◆ WORK TO COMPLETE: Reproduce, without alteration, every line of the data; exclude the images.

◆ DATA FOR REVIEW:
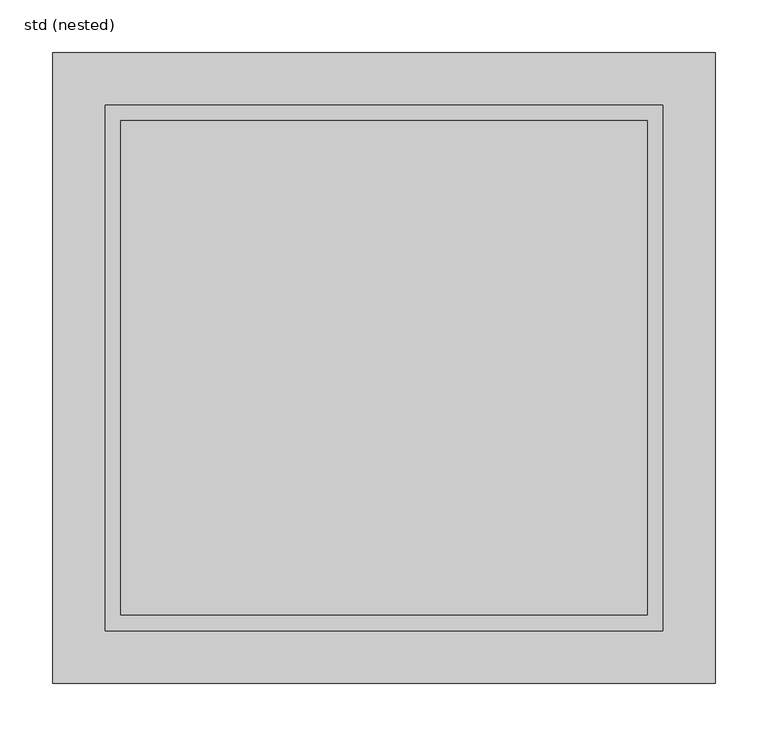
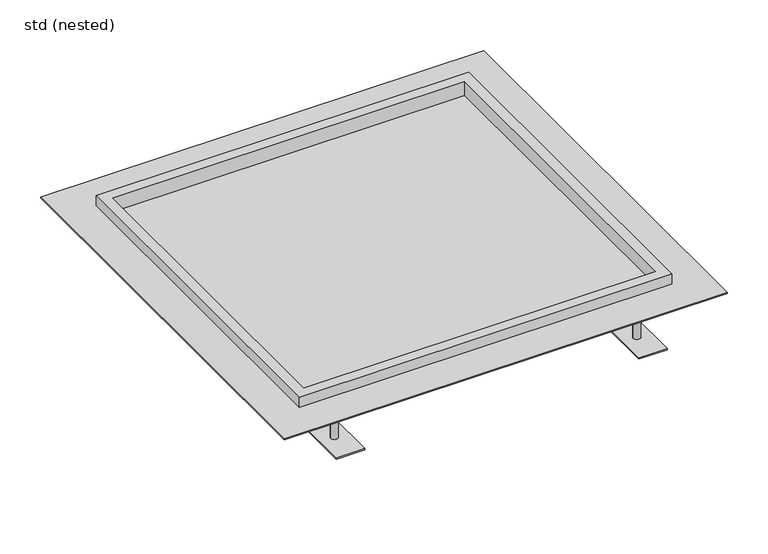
"""IFC4 building model written with IfcOpenShell, lengths in millimetres: sanitary terminal geometry, ZZZ_do not use_PF_ST_UN_custom hygienic box channel_ACO : std (nested)."""

from ifc_helpers import new_model, si_unit, point, frame, frame_2d, origin, place, context, project, spatial, polyline, circle_curve, trimmed, segment, composite_curve, outline, extrude, faceted_brep, source, transform, mapped, element, save
from ifc_brep_helpers import plane_surface, cylinder_surface, advanced_brep


def std_nested_4702d8b9(model_context):
    return source(origin(), model_context, "Body", "SolidModel", [
        extrude(outline(composite_curve([segment(polyline([(225.0, 232.5), (205.0, 232.5), (205.0, 250.0)]), True, "CONTINUOUS"), segment(trimmed(circle_curve(frame_2d((215.0, 250.0)), 10.0), [point((205.0, 250.0))], [point((225.0, 250.0))], False, "CARTESIAN"), True, "CONTINUOUS"), segment(polyline([(225.0, 250.0), (225.0, 232.5)]), True, "CONTINUOUS")], self_intersect=False), holes=[composite_curve([segment(trimmed(circle_curve(frame_2d((215.0, 250.0)), 5.0), [point((215.0, 245.0))], [point((215.0, 255.0))], True, "CARTESIAN"), True, "CONTINUOUS"), segment(trimmed(circle_curve(frame_2d((215.0, 250.0)), 5.0), [point((215.0, 255.0))], [point((215.0, 245.0))], True, "CARTESIAN"), True, "CONTINUOUS")], self_intersect=False)]), frame((0.0, 0.0, -37.0), z_axis=(0.0, 0.0, 1.0), x_axis=(1.0, 0.0, 0.0)), (0.0, 0.0, 1.0), 12.0),
        advanced_brep(
        [(210.0, 250.0, -31.0), (220.0, 250.0, -31.0), (235.0, 210.0, -79.5), (195.0, 210.0, -79.5), (195.0, 290.0, -79.5), (235.0, 290.0, -79.5), (220.0, 250.0, -77.5), (210.0, 250.0, -77.5), (235.0, 210.0, -77.5), (235.0, 290.0, -77.5), (195.0, 290.0, -77.5), (195.0, 210.0, -77.5)],
        [
            (0, 1, circle_curve(frame((215.0, 250.0, -31.0), z_axis=(0.0, 0.0, 1.0), x_axis=(1.0, 0.0, 0.0)), 5.0)),
            (1, 0, circle_curve(frame((215.0, 250.0, -31.0), z_axis=(0.0, 0.0, 1.0), x_axis=(1.0, 0.0, 0.0)), 5.0)),
            (2, 3),
            (3, 4),
            (4, 5),
            (5, 2),
            (1, 6),
            (6, 7, circle_curve(frame((215.0, 250.0, -77.5), z_axis=(0.0, 0.0, 1.0), x_axis=(1.0, 0.0, 0.0)), 5.0)),
            (7, 0),
            (7, 6, circle_curve(frame((215.0, 250.0, -77.5), z_axis=(0.0, 0.0, 1.0), x_axis=(1.0, 0.0, 0.0)), 5.0)),
            (8, 9),
            (9, 10),
            (10, 11),
            (11, 8),
            (11, 3),
            (2, 8),
            (10, 4),
            (9, 5),
        ],
        [
            plane_surface(frame((220.0, 250.0, -31.0), z_axis=(0.0, 0.0, 1.0), x_axis=(0.0, -1.0, 0.0))),
            plane_surface(frame((220.0, 250.0, -79.5), z_axis=(0.0, 0.0, -1.0), x_axis=(0.0, 1.0, 0.0))),
            cylinder_surface(frame((215.0, 250.0, -79.5), z_axis=(0.0, 0.0, 1.0), x_axis=(1.0, 0.0, 0.0)), 5.0),
            plane_surface(frame((195.0, 210.0, -77.5), z_axis=(0.0, 0.0, 1.0), x_axis=(-1.0, 0.0, 0.0))),
            plane_surface(frame((235.0, 210.0, -77.5), z_axis=(0.0, -1.0, 0.0), x_axis=(0.0, 0.0, -1.0))),
            plane_surface(frame((195.0, 210.0, -77.5), z_axis=(-1.0, 0.0, 0.0), x_axis=(0.0, 0.0, -1.0))),
            plane_surface(frame((195.0, 290.0, -77.5), z_axis=(0.0, 1.0, 0.0), x_axis=(0.0, 0.0, -1.0))),
            plane_surface(frame((235.0, 290.0, -77.5), z_axis=(1.0, 0.0, 0.0), x_axis=(0.0, 0.0, -1.0))),
        ],
        [
            (0, [[1, 2]]),
            (1, [[3, 4, 5, 6]]),
            (2, [[7, 8, 9, -2]]),
            (2, [[-9, 10, -7, -1]]),
            (3, [[11, 12, 13, 14], [-10, -8]]),
            (4, [[15, -3, 16, -14]]),
            (5, [[17, -4, -15, -13]]),
            (6, [[18, -5, -17, -12]]),
            (7, [[-16, -6, -18, -11]]),
        ],
    ),
        extrude(outline(polyline([(229.35, 224.5), (200.65, 224.5), (200.65, 232.5), (229.35, 232.5), (229.35, 224.5)])), frame((0.0, 0.0, -40.0), z_axis=(0.0, 0.0, 1.0), x_axis=(1.0, 0.0, 0.0)), (0.0, 0.0, 1.0), 18.0),
        extrude(outline(composite_curve([segment(polyline([(225.0, -232.5), (225.0, -250.0)]), True, "CONTINUOUS"), segment(trimmed(circle_curve(frame_2d((215.0, -250.0)), 10.0), [point((225.0, -250.0))], [point((205.0, -250.0))], False, "CARTESIAN"), True, "CONTINUOUS"), segment(polyline([(205.0, -250.0), (205.0, -232.5), (225.0, -232.5)]), True, "CONTINUOUS")], self_intersect=False), holes=[composite_curve([segment(trimmed(circle_curve(frame_2d((215.0, -250.0)), 5.0), [point((215.0, -245.0))], [point((215.0, -255.0))], True, "CARTESIAN"), True, "CONTINUOUS"), segment(trimmed(circle_curve(frame_2d((215.0, -250.0)), 5.0), [point((215.0, -255.0))], [point((215.0, -245.0))], True, "CARTESIAN"), True, "CONTINUOUS")], self_intersect=False)]), frame((0.0, 0.0, -37.0), z_axis=(0.0, 0.0, 1.0), x_axis=(1.0, 0.0, 0.0)), (0.0, 0.0, 1.0), 12.0),
        advanced_brep(
        [(210.0, -250.0, -31.0), (220.0, -250.0, -31.0), (235.0, -210.0, -79.5), (235.0, -290.0, -79.5), (195.0, -290.0, -79.5), (195.0, -210.0, -79.5), (210.0, -250.0, -77.5), (220.0, -250.0, -77.5), (235.0, -210.0, -77.5), (195.0, -210.0, -77.5), (195.0, -290.0, -77.5), (235.0, -290.0, -77.5)],
        [
            (0, 1, circle_curve(frame((215.0, -250.0, -31.0), z_axis=(0.0, 0.0, 1.0), x_axis=(1.0, 0.0, 0.0)), 5.0)),
            (1, 0, circle_curve(frame((215.0, -250.0, -31.0), z_axis=(0.0, 0.0, 1.0), x_axis=(1.0, 0.0, 0.0)), 5.0)),
            (2, 3),
            (3, 4),
            (4, 5),
            (5, 2),
            (0, 6),
            (6, 7, circle_curve(frame((215.0, -250.0, -77.5), z_axis=(0.0, 0.0, 1.0), x_axis=(1.0, 0.0, 0.0)), 5.0)),
            (7, 1),
            (7, 6, circle_curve(frame((215.0, -250.0, -77.5), z_axis=(0.0, 0.0, 1.0), x_axis=(1.0, 0.0, 0.0)), 5.0)),
            (8, 9),
            (9, 10),
            (10, 11),
            (11, 8),
            (8, 2),
            (5, 9),
            (4, 10),
            (3, 11),
        ],
        [
            plane_surface(frame((220.0, -250.0, -31.0), z_axis=(0.0, 0.0, 1.0), x_axis=(0.0, 1.0, 0.0))),
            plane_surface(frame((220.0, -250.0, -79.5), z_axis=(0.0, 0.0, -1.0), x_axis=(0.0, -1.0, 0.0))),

◆ RESPONSE BELOW:
"""IFC4 building model written with IfcOpenShell, lengths in millimetres: sanitary terminal geometry, ZZZ_do not use_PF_ST_UN_custom hygienic box channel_ACO : std (nested)."""

from ifc_helpers import new_model, si_unit, point, frame, frame_2d, origin, place, context, project, spatial, polyline, circle_curve, trimmed, segment, composite_curve, outline, extrude, faceted_brep, source, transform, mapped, element, save
from ifc_brep_helpers import plane_surface, cylinder_surface, advanced_brep


def std_nested_4702d8b9(model_context):
    return source(origin(), model_context, "Body", "SolidModel", [
        extrude(outline(composite_curve([segment(polyline([(225.0, 232.5), (205.0, 232.5), (205.0, 250.0)]), True, "CONTINUOUS"), segment(trimmed(circle_curve(frame_2d((215.0, 250.0)), 10.0), [point((205.0, 250.0))], [point((225.0, 250.0))], False, "CARTESIAN"), True, "CONTINUOUS"), segment(polyline([(225.0, 250.0), (225.0, 232.5)]), True, "CONTINUOUS")], self_intersect=False), holes=[composite_curve([segment(trimmed(circle_curve(frame_2d((215.0, 250.0)), 5.0), [point((215.0, 245.0))], [point((215.0, 255.0))], True, "CARTESIAN"), True, "CONTINUOUS"), segment(trimmed(circle_curve(frame_2d((215.0, 250.0)), 5.0), [point((215.0, 255.0))], [point((215.0, 245.0))], True, "CARTESIAN"), True, "CONTINUOUS")], self_intersect=False)]), frame((0.0, 0.0, -37.0), z_axis=(0.0, 0.0, 1.0), x_axis=(1.0, 0.0, 0.0)), (0.0, 0.0, 1.0), 12.0),
        advanced_brep(
        [(210.0, 250.0, -31.0), (220.0, 250.0, -31.0), (235.0, 210.0, -79.5), (195.0, 210.0, -79.5), (195.0, 290.0, -79.5), (235.0, 290.0, -79.5), (220.0, 250.0, -77.5), (210.0, 250.0, -77.5), (235.0, 210.0, -77.5), (235.0, 290.0, -77.5), (195.0, 290.0, -77.5), (195.0, 210.0, -77.5)],
        [
            (0, 1, circle_curve(frame((215.0, 250.0, -31.0), z_axis=(0.0, 0.0, 1.0), x_axis=(1.0, 0.0, 0.0)), 5.0)),
            (1, 0, circle_curve(frame((215.0, 250.0, -31.0), z_axis=(0.0, 0.0, 1.0), x_axis=(1.0, 0.0, 0.0)), 5.0)),
            (2, 3),
            (3, 4),
            (4, 5),
            (5, 2),
            (1, 6),
            (6, 7, circle_curve(frame((215.0, 250.0, -77.5), z_axis=(0.0, 0.0, 1.0), x_axis=(1.0, 0.0, 0.0)), 5.0)),
            (7, 0),
            (7, 6, circle_curve(frame((215.0, 250.0, -77.5), z_axis=(0.0, 0.0, 1.0), x_axis=(1.0, 0.0, 0.0)), 5.0)),
            (8, 9),
            (9, 10),
            (10, 11),
            (11, 8),
            (11, 3),
            (2, 8),
            (10, 4),
            (9, 5),
        ],
        [
            plane_surface(frame((220.0, 250.0, -31.0), z_axis=(0.0, 0.0, 1.0), x_axis=(0.0, -1.0, 0.0))),
            plane_surface(frame((220.0, 250.0, -79.5), z_axis=(0.0, 0.0, -1.0), x_axis=(0.0, 1.0, 0.0))),
            cylinder_surface(frame((215.0, 250.0, -79.5), z_axis=(0.0, 0.0, 1.0), x_axis=(1.0, 0.0, 0.0)), 5.0),
            plane_surface(frame((195.0, 210.0, -77.5), z_axis=(0.0, 0.0, 1.0), x_axis=(-1.0, 0.0, 0.0))),
            plane_surface(frame((235.0, 210.0, -77.5), z_axis=(0.0, -1.0, 0.0), x_axis=(0.0, 0.0, -1.0))),
            plane_surface(frame((195.0, 210.0, -77.5), z_axis=(-1.0, 0.0, 0.0), x_axis=(0.0, 0.0, -1.0))),
            plane_surface(frame((195.0, 290.0, -77.5), z_axis=(0.0, 1.0, 0.0), x_axis=(0.0, 0.0, -1.0))),
            plane_surface(frame((235.0, 290.0, -77.5), z_axis=(1.0, 0.0, 0.0), x_axis=(0.0, 0.0, -1.0))),
        ],
        [
            (0, [[1, 2]]),
            (1, [[3, 4, 5, 6]]),
            (2, [[7, 8, 9, -2]]),
            (2, [[-9, 10, -7, -1]]),
            (3, [[11, 12, 13, 14], [-10, -8]]),
            (4, [[15, -3, 16, -14]]),
            (5, [[17, -4, -15, -13]]),
            (6, [[18, -5, -17, -12]]),
            (7, [[-16, -6, -18, -11]]),
        ],
    ),
        extrude(outline(polyline([(229.35, 224.5), (200.65, 224.5), (200.65, 232.5), (229.35, 232.5), (229.35, 224.5)])), frame((0.0, 0.0, -40.0), z_axis=(0.0, 0.0, 1.0), x_axis=(1.0, 0.0, 0.0)), (0.0, 0.0, 1.0), 18.0),
        extrude(outline(composite_curve([segment(polyline([(225.0, -232.5), (225.0, -250.0)]), True, "CONTINUOUS"), segment(trimmed(circle_curve(frame_2d((215.0, -250.0)), 10.0), [point((225.0, -250.0))], [point((205.0, -250.0))], False, "CARTESIAN"), True, "CONTINUOUS"), segment(polyline([(205.0, -250.0), (205.0, -232.5), (225.0, -232.5)]), True, "CONTINUOUS")], self_intersect=False), holes=[composite_curve([segment(trimmed(circle_curve(frame_2d((215.0, -250.0)), 5.0), [point((215.0, -245.0))], [point((215.0, -255.0))], True, "CARTESIAN"), True, "CONTINUOUS"), segment(trimmed(circle_curve(frame_2d((215.0, -250.0)), 5.0), [point((215.0, -255.0))], [point((215.0, -245.0))], True, "CARTESIAN"), True, "CONTINUOUS")], self_intersect=False)]), frame((0.0, 0.0, -37.0), z_axis=(0.0, 0.0, 1.0), x_axis=(1.0, 0.0, 0.0)), (0.0, 0.0, 1.0), 12.0),
        advanced_brep(
        [(210.0, -250.0, -31.0), (220.0, -250.0, -31.0), (235.0, -210.0, -79.5), (235.0, -290.0, -79.5), (195.0, -290.0, -79.5), (195.0, -210.0, -79.5), (210.0, -250.0, -77.5), (220.0, -250.0, -77.5), (235.0, -210.0, -77.5), (195.0, -210.0, -77.5), (195.0, -290.0, -77.5), (235.0, -290.0, -77.5)],
        [
            (0, 1, circle_curve(frame((215.0, -250.0, -31.0), z_axis=(0.0, 0.0, 1.0), x_axis=(1.0, 0.0, 0.0)), 5.0)),
            (1, 0, circle_curve(frame((215.0, -250.0, -31.0), z_axis=(0.0, 0.0, 1.0), x_axis=(1.0, 0.0, 0.0)), 5.0)),
            (2, 3),
            (3, 4),
            (4, 5),
            (5, 2),
            (0, 6),
            (6, 7, circle_curve(frame((215.0, -250.0, -77.5), z_axis=(0.0, 0.0, 1.0), x_axis=(1.0, 0.0, 0.0)), 5.0)),
            (7, 1),
            (7, 6, circle_curve(frame((215.0, -250.0, -77.5), z_axis=(0.0, 0.0, 1.0), x_axis=(1.0, 0.0, 0.0)), 5.0)),
            (8, 9),
            (9, 10),
            (10, 11),
            (11, 8),
            (8, 2),
            (5, 9),
            (4, 10),
            (3, 11),
        ],
        [
            plane_surface(frame((220.0, -250.0, -31.0), z_axis=(0.0, 0.0, 1.0), x_axis=(0.0, 1.0, 0.0))),
            plane_surface(frame((220.0, -250.0, -79.5), z_axis=(0.0, 0.0, -1.0), x_axis=(0.0, -1.0, 0.0))),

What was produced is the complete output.